Fundamentals of Sound
Sound can originate from numerous sources. Common examples include the vibration of a person’s vocal cords, vibrating strings (piano, violin), a vibrating air column (trumpet, flute), and vibrating solids (a door when knocked). The list is endless, as any disturbance to an elastic medium produces sound.
Sound is characterized by two main aspects: pitch and loudness. The pitch ranges from the deep rumble of thunder to the sharp buzz of a mosquito, while loudness varies in intensity. Both pitch and loudness are subjective, influenced by the listener's hearing abilities. On the other hand, measurable sound qualities like frequency and intensity are objective and correlate with pitch and loudness. To understand these, it's essential to examine sound waves and their properties.
The speed of sound varies depending on the medium through which it travels.

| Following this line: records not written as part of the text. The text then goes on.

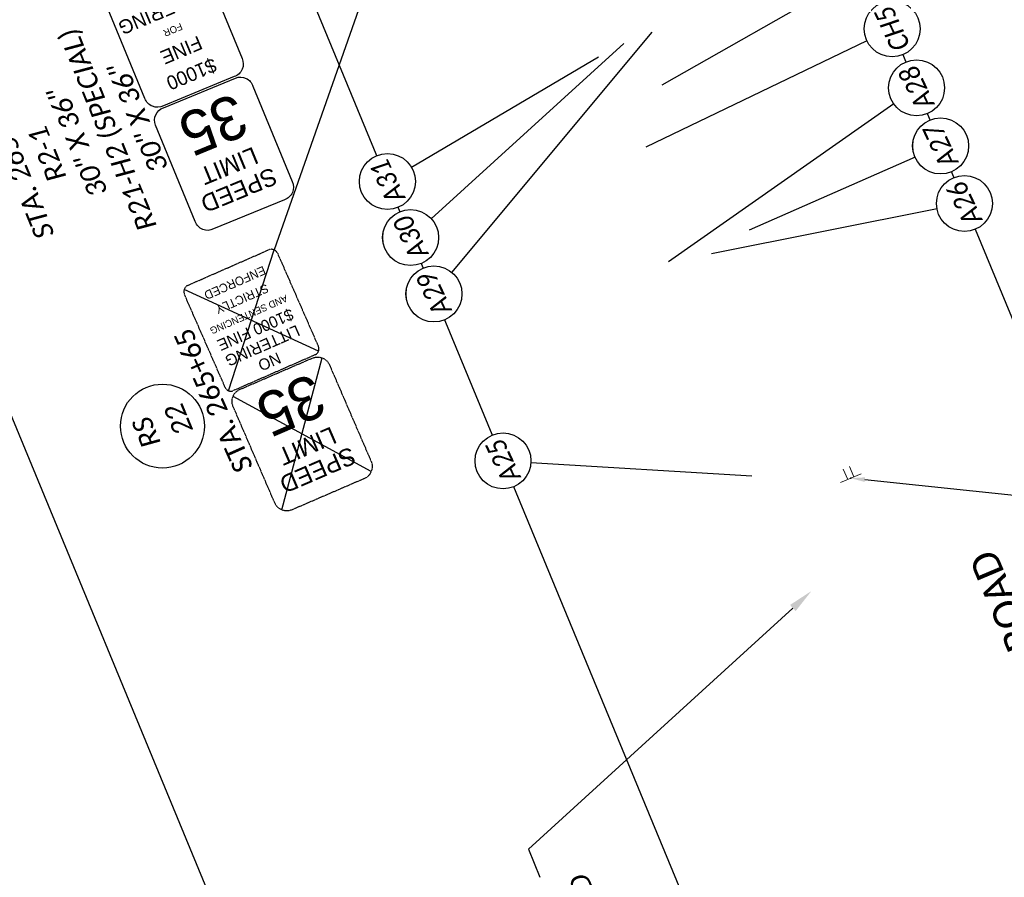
# Model space of a CAD drawing. Header units: feet. Extents: x 2244507 to 2247698, y 591749 to 597163.
# Tile 3 of 18: x 2245671 to 2245952, y 595803 to 596048. Entities that reach past the tile are written whole.
import ezdxf
from ezdxf import colors
from ezdxf.entities.mleader import LeaderData, LeaderLine
from ezdxf.enums import TextEntityAlignment as Align
from ezdxf.math import Vec2, Vec3

# ---------------------------------------------------------------- set-up
doc = ezdxf.new("R2010")
doc.units = ezdxf.units.FT
doc.header["$MEASUREMENT"] = 0
doc.set_wipeout_variables(frame=1)
doc.linetypes.add('HIDDEN2', pattern=[0.1875, 0.125, -0.0625])
for name, color, linetype in [('PM_P_Text', 7, 'Continuous'), ('RD_X_Text', 7, 'Continuous'), ('SH_Text', 7, 'Continuous'), ('SN_P_Signs', 120, 'Continuous'), ('SN_P_Text', 7, 'Continuous'), ('SN_X_Public', 3, 'Continuous'), ('SN_X_Public (Construction)', 3, 'Continuous'), ('SN_X_Text', 7, 'Continuous'), ('TX_P_20', 7, 'Continuous')]:
    doc.layers.add(name, color=color, linetype=linetype)
doc.layers.add('SC_Scratch1', color=7, linetype='Continuous', plot=False)
doc.styles.add('P_Slanted_Normal', font='calibrii.ttf', dxfattribs={"height": 0.14})
doc.styles.add('P_Straight_Title', font='calibri.ttf', dxfattribs={"height": 0.2})
doc.styles.get("Standard").update_dxf_attribs({"font": 'arial.ttf'})
doc.styles.add('Straight-Normal', font='font30.shx', dxfattribs={"height": 0.14})
doc.styles.add('X_Straight_Normal', font='calibril.ttf', dxfattribs={"height": 0.14})

# ---------------------------------------------------------------- blocks, each defined once
blk = doc.blocks.new('*U1152')
blk.add_wipeout([(-0.1991, 0.0154), (-0.1974, 0.0301), (-0.1942, 0.0467), (-0.1903, 0.0605), (-0.1852, 0.0748), (-0.1787, 0.0891), (-0.1714, 0.1025), (-0.1635, 0.1146), (-0.1561, 0.1246), (-0.1474, 0.1347), (-0.1374, 0.145), (-0.1254, 0.1555), (-0.1148, 0.1634), (-0.1056, 0.1695), (-0.0945, 0.1759), (-0.0829, 0.1817), (-0.0701, 0.187), (-0.0559, 0.1917), (-0.0387, 0.1959), (-0.024, 0.1983), (-0.0083, 0.1996), (0, 0.1997), (0.0145, 0.1992), (0.0291, 0.1976), (0.0461, 0.1943), (0.0602, 0.1904), (0.0741, 0.1855), (0.0905, 0.178), (0.1026, 0.1714), (0.1136, 0.1643), (0.1251, 0.1557), (0.1357, 0.1465), (0.1453, 0.137), (0.1534, 0.1279), (0.1603, 0.1192), (0.169, 0.1064), (0.1761, 0.0942), (0.1822, 0.0817), (0.1875, 0.0689), (0.1913, 0.0575), (0.1945, 0.0454), (0.1966, 0.0354), (0.1982, 0.025), (0.1994, 0.012), (0.1997, 0), (0.1993, -0.0131), (0.1979, -0.027), (0.1957, -0.0397), (0.1931, -0.0511), (0.1898, -0.0621), (0.1859, -0.073), (0.1821, -0.0821), (0.1759, -0.0945), (0.17, -0.1049), (0.1636, -0.1145), (0.155, -0.1259), (0.1473, -0.1348), (0.1413, -0.1412), (0.1323, -0.1496), (0.1259, -0.155), (0.1152, -0.1632), (0.101, -0.1723), (0.0861, -0.1802), (0.0752, -0.185), (0.0628, -0.1896), (0.0465, -0.1942), (0.0379, -0.1961), (0.0257, -0.1981), (0.0165, -0.199), (0.0071, -0.1996), (0, -0.1997), (-0.0041, -0.1997), (-0.0118, -0.1994), (-0.0185, -0.1988), (-0.0265, -0.1979), (-0.0345, -0.1967), (-0.0429, -0.195), (-0.0516, -0.1929), (-0.0616, -0.19), (-0.077, -0.1843), (-0.09, -0.1783), (-0.1005, -0.1725), (-0.1122, -0.1652), (-0.1217, -0.1584), (-0.1329, -0.149), (-0.1456, -0.1366), (-0.1547, -0.1263), (-0.1642, -0.1136), (-0.1706, -0.1038), (-0.1774, -0.0917), (-0.1836, -0.0786), (-0.1889, -0.0647), (-0.1935, -0.0494), (-0.1964, -0.0362), (-0.1985, -0.0222), (-0.1995, -0.01), (-0.1997, 0)])
at = {"flags": 128}
blk.add_lwpolyline([(-0.0159, 0.1991), (-0.1348, 1.6826)], dxfattribs=at)
blk.add_circle((0, 0), 0.2)
at = {"style": 'P_Slanted_Normal', "width": 0.9, "flags": 8}
blk.add_attdef('ITEMTYPE', text='', height=0.14, dxfattribs=at).set_placement((0, 0), align=Align.MIDDLE_CENTER)
blk = doc.blocks.new('*U1158')
blk.add_wipeout([(-0.1991, 0.0154), (-0.1974, 0.0301), (-0.1942, 0.0467), (-0.1903, 0.0605), (-0.1852, 0.0748), (-0.1787, 0.0891), (-0.1714, 0.1025), (-0.1635, 0.1146), (-0.1561, 0.1246), (-0.1474, 0.1347), (-0.1374, 0.145), (-0.1254, 0.1555), (-0.1148, 0.1634), (-0.1056, 0.1695), (-0.0945, 0.1759), (-0.0829, 0.1817), (-0.0701, 0.187), (-0.0559, 0.1917), (-0.0387, 0.1959), (-0.024, 0.1983), (-0.0083, 0.1996), (0, 0.1997), (0.0145, 0.1992), (0.0291, 0.1976), (0.0461, 0.1943), (0.0602, 0.1904), (0.0741, 0.1855), (0.0905, 0.178), (0.1026, 0.1714), (0.1136, 0.1643), (0.1251, 0.1557), (0.1357, 0.1465), (0.1453, 0.137), (0.1534, 0.1279), (0.1603, 0.1192), (0.169, 0.1064), (0.1761, 0.0942), (0.1822, 0.0817), (0.1875, 0.0689), (0.1913, 0.0575), (0.1945, 0.0454), (0.1966, 0.0354), (0.1982, 0.025), (0.1994, 0.012), (0.1997, 0), (0.1993, -0.0131), (0.1979, -0.027), (0.1957, -0.0397), (0.1931, -0.0511), (0.1898, -0.0621), (0.1859, -0.073), (0.1821, -0.0821), (0.1759, -0.0945), (0.17, -0.1049), (0.1636, -0.1145), (0.155, -0.1259), (0.1473, -0.1348), (0.1413, -0.1412), (0.1323, -0.1496), (0.1259, -0.155), (0.1152, -0.1632), (0.101, -0.1723), (0.0861, -0.1802), (0.0752, -0.185), (0.0628, -0.1896), (0.0465, -0.1942), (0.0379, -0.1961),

| Medium | Speed in feet per second | Speed in meters per second |
|---|---|---|
| Air at 59 degrees F. (15 degrees C) | 1,116 | 340 |
| Aluminum | 16,000 | 5,000 |
| Brick | 11,980 | 3,650 |
| Distilled water at 77 degrees F. (25 degrees C) | 4,908 | 1,496 |
| Glass | 14,900 | 4,540 |
| Seawater at 77 degrees F. (25 degrees C) | 5,023 | 1,531 |
| Steel | 17,100 | 5,200 |
| Wood (maple) | 13,480 | 4,110 |
Sound Waves
Air, like all matter, is made up of molecules. Even in a tiny section of air, there are countless molecules in rapid motion. These molecules constantly collide with one another and with any objects that come into contact with the air, moving in unpredictable patterns at high speeds.
When an object vibrates, it generates sound waves in the air. For instance, when a drumhead is struck by a mallet, it vibrates, creating sound waves. The vibration causes the drumhead to move alternately inward and outward, pushing against the air. As the air particles strike the drumhead during its outward movement, they rebound with increased energy and speed due to the force exerted by the vibrating drumhead.
As the molecules move faster, they push into the surrounding air. For a brief moment, the area next to the vibrating drumhead experiences a higher concentration of molecules, creating a compressed region. These faster-moving molecules collide with the surrounding air molecules, transferring their energy. This compressed region continues to move outward as the energy from the drumhead's vibrations spreads through the air molecules.
When the drumhead moves inward, the air molecules that strike it rebound with less energy and speed than usual. This causes a momentary reduction in the number of molecules near the drumhead, creating a region of rarefaction. As the molecules in this area collide with slower-moving molecules, they rebound with less speed, and this region of rarefaction also propagates outward.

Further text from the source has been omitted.